YOUR TASK
Where the word "SchDoc" appears in a line below, copy the whole line.

TASK INPUTS
========================================================================

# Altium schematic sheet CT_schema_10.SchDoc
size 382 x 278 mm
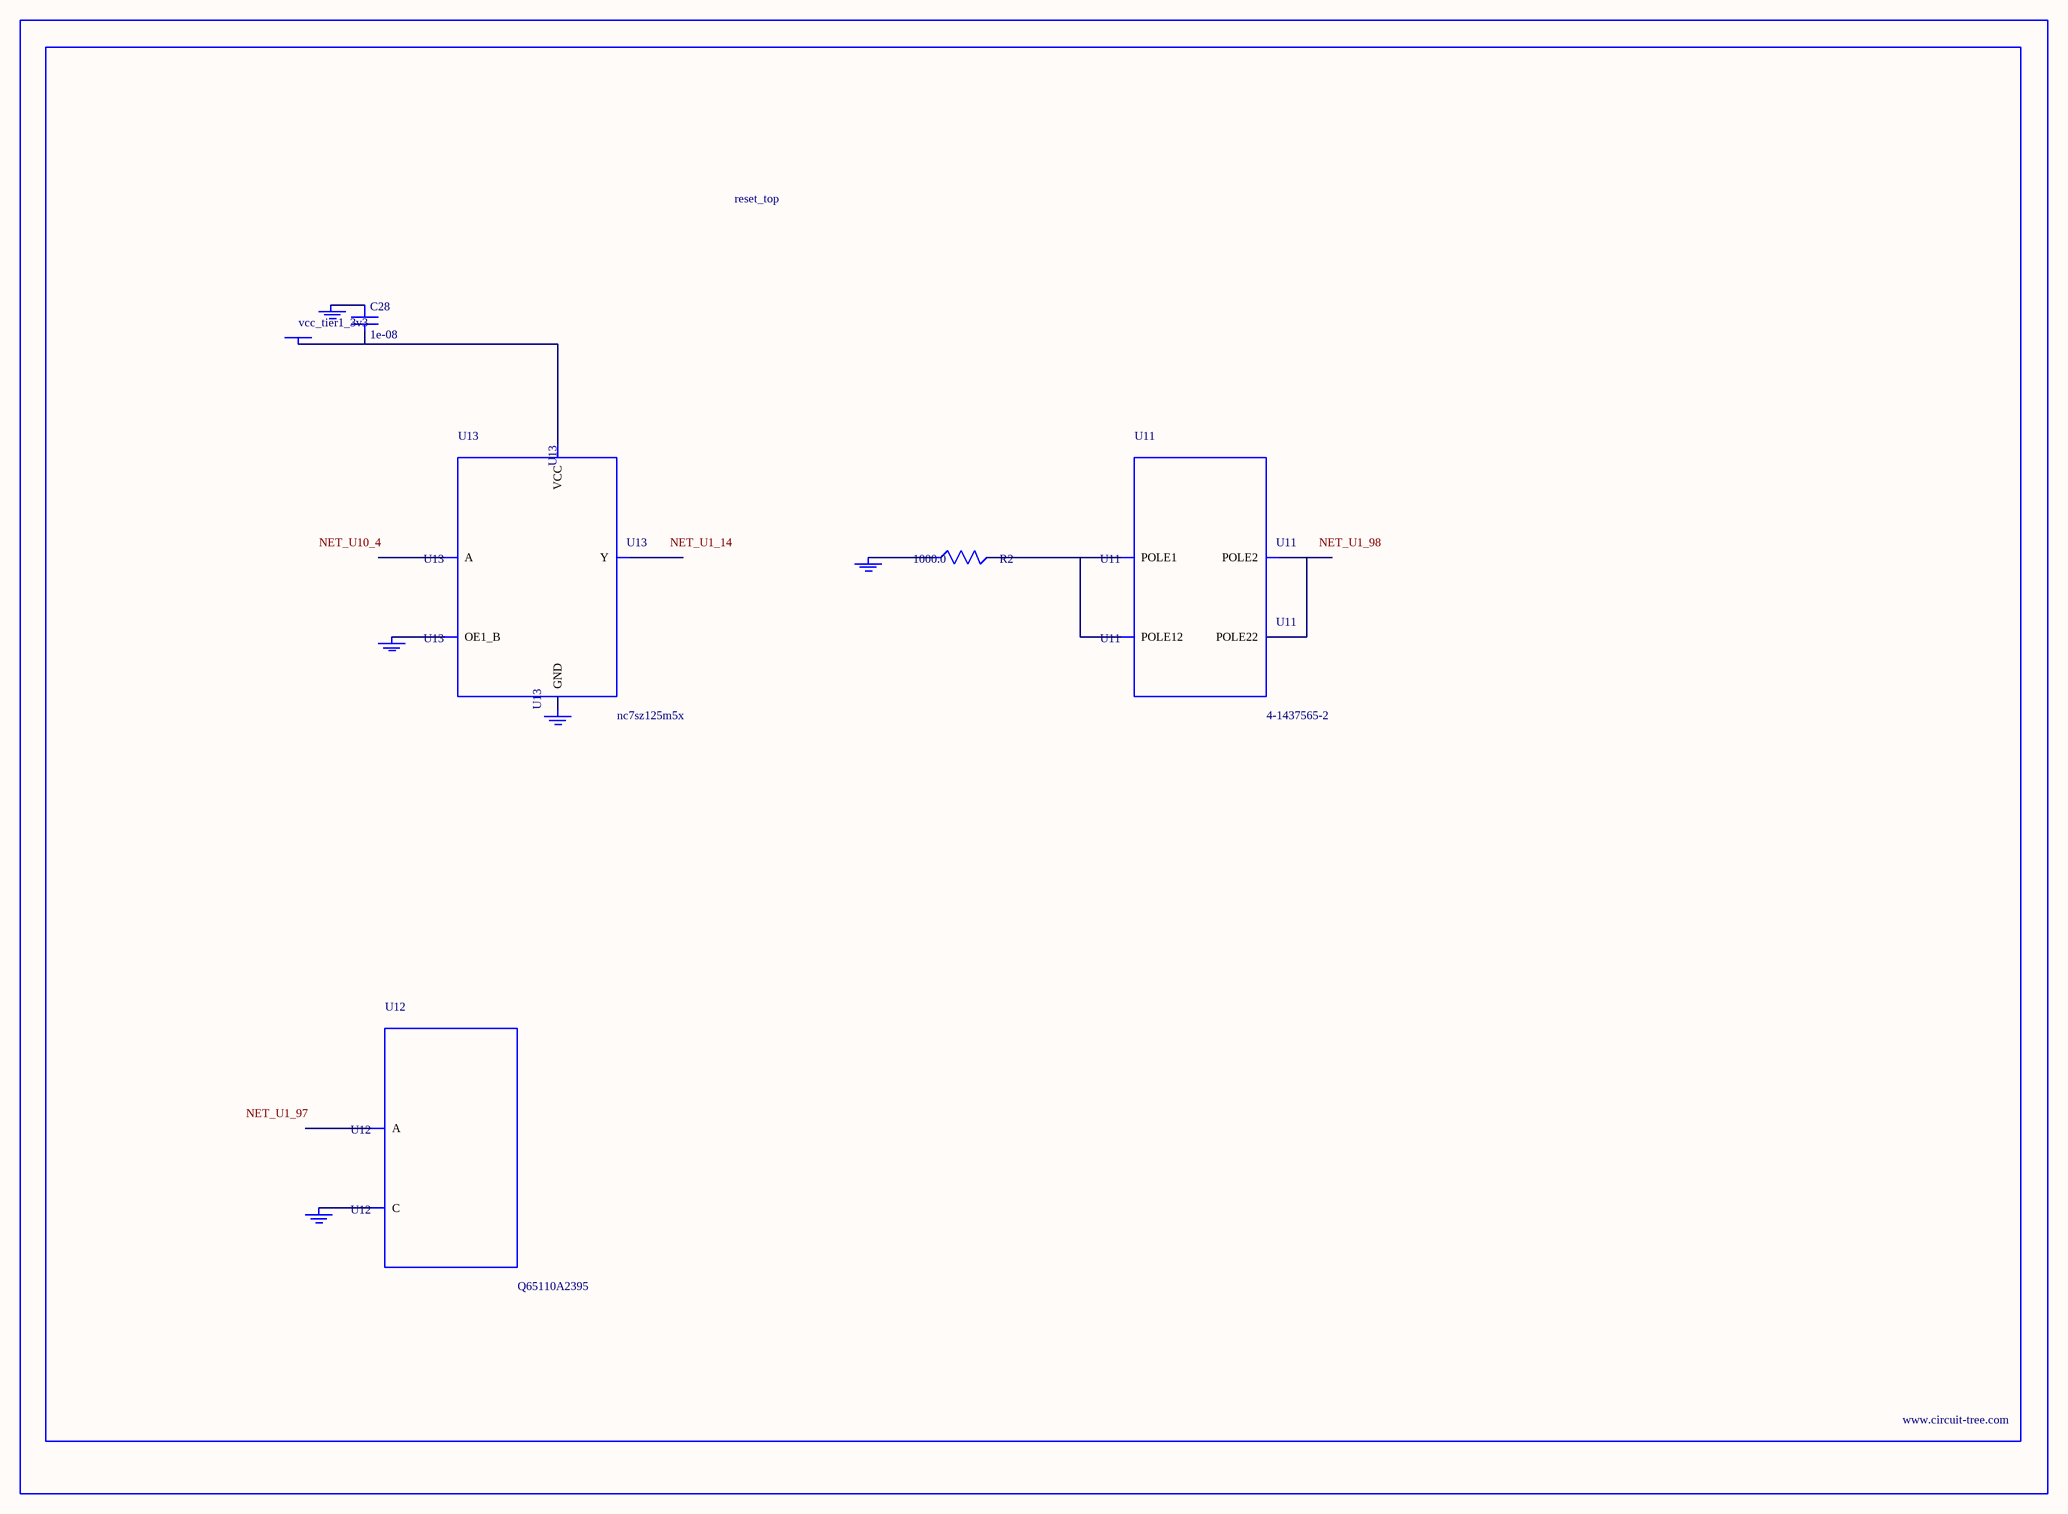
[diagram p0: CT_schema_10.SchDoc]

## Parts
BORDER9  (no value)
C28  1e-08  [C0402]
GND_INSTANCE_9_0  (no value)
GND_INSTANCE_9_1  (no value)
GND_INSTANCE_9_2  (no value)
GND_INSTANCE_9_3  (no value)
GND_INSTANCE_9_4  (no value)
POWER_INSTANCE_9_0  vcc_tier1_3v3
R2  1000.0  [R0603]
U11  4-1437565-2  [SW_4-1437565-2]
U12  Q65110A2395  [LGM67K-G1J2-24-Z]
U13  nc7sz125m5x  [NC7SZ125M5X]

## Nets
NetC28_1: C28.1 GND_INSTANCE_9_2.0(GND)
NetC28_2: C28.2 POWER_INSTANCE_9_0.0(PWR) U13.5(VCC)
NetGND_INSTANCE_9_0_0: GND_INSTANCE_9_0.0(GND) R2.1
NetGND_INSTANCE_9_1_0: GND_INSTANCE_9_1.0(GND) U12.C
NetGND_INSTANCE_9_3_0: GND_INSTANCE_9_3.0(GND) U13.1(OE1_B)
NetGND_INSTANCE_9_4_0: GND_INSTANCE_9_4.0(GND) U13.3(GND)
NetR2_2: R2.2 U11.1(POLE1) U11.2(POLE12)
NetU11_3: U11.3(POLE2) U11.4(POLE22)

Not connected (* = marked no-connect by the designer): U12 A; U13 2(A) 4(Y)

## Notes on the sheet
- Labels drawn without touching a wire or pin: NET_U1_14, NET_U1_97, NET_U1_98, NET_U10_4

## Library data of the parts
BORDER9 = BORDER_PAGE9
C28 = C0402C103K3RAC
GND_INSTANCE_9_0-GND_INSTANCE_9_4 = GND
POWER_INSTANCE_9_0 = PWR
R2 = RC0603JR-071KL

========================================================================

TASK RESULT
# Altium schematic sheet CT_schema_10.SchDoc
[diagram p0: CT_schema_10.SchDoc]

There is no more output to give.